Good answer by AD, it would have been a nice complement to my idea. I was going to suggest (now that you have two real integrals on an infinite domain) you can just use a transformation of variables, a map from $(-\infty,\infty)$ to $(-1,1)$ will change the interval of integration to a finite one (your integrand will change too of course) and then just use any standard technique. I was going to suggest then to just play around with the two real (transformed) integrands to figure out which technique is best for them and then just use one of the many canned routines available out there (unless you want to have a chapter of your thesis on how you came up with a new/novel way to integrate functions of this kind ;-) ). Because of the sines and cosines we suspect oscillations, I would have suggested looking at Gaussian quadrature with chebyshev nodes.
This was all before I started playing with the two real integrands myself. Holy Toledo these things are oscillatory especially if I use numbers you suggested. The graph is going across orders of magnitudes wildly fast. For example, I used $\sigma = 3700, \delta = 5000000, \nu=50001000, \kappa=10$. Mathematica couldn't even plot it. Well it spit out a picture but it was complete garbage. It cannot find an anti-derivative (there goes that) but numerically it instantly spit out an answer on the order of $10^{-14}$ so it thinks that the integral is zero which it really does look like it might be. Then I forced the numerical integrator to use a working precision of 10 digits (it carries at least 10 digits in all of its computations) and give me an answer that is at least accurate to five digits (these are...ehmmm...usually very modest goals for a world class software like mathematica) and here is what it spat out at me
"NIntegrate::mtdfb: Numerical integration with LevinRule failed. The integration continues with Method -> GaussKronrodRule. >>
NIntegrate::slwcon: Numerical integration converging too slowly; suspect one of the following: singularity, value of the integration is 0, highly oscillatory integrand, or WorkingPrecision too small. >>
NIntegrate::ncvb: NIntegrate failed to converge to prescribed accuracy after 9 recursive bisections in x near {x} = {-0.4464083980}. NIntegrate obtained -5.478908926*10^-7+1.469367460*10^-6 I and 0.00001382317328. for the integral and error estimates. >>"
Just look at the integral estimate and its error in the last line. The error is like two orders of magnitude HIGHER than the error estimates. This output is from trying to integrate the original complex integral you presented so the answer is a complex number.
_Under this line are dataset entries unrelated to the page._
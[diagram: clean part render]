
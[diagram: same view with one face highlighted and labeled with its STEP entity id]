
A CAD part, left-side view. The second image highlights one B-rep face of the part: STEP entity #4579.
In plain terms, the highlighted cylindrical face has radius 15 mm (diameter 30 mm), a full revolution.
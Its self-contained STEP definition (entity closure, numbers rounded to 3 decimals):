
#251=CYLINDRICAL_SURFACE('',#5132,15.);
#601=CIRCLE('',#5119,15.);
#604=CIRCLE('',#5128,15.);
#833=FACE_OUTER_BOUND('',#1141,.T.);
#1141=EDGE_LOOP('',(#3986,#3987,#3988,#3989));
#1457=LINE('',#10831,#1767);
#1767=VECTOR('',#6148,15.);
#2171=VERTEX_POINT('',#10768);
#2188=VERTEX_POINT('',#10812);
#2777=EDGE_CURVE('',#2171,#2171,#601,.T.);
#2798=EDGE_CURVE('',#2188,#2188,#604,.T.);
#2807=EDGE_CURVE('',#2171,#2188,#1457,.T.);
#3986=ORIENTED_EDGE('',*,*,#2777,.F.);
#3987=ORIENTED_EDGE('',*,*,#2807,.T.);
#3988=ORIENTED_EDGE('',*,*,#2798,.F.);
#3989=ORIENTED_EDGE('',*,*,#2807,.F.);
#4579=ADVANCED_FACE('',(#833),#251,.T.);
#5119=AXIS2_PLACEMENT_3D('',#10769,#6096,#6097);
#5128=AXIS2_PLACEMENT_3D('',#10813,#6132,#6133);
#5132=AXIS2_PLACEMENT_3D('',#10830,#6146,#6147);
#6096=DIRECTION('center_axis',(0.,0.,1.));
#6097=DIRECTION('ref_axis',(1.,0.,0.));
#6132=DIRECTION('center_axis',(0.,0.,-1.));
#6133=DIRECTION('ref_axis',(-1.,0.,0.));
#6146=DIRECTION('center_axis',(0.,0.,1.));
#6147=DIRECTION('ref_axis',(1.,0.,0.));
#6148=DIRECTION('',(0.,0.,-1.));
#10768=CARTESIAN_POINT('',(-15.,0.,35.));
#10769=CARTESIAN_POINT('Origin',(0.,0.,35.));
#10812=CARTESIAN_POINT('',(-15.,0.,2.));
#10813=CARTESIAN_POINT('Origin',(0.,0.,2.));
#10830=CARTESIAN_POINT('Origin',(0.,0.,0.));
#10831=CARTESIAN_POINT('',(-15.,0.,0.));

Now the only things I can think of is, first take comfort in the fact that this really is a hard problem. Don't feel bad for having trouble with this. If mathematica is having trouble, then it really is a tricky problem. I was going to suggest maybe some simplification like taylor expansion and then truncation but taking derivatives will be horrendous. Maybe restricting the interval of integration because of $G(x,\sigma)$ the integrands converge rather fast to zero as you go out to infinity in both directions. After chopping the interval using fourier expansion might also be interesting. It seems "natural" because of the oscillations.
Time to walk over to the math department and collaborate with the numerics people. Sorry couldn't help.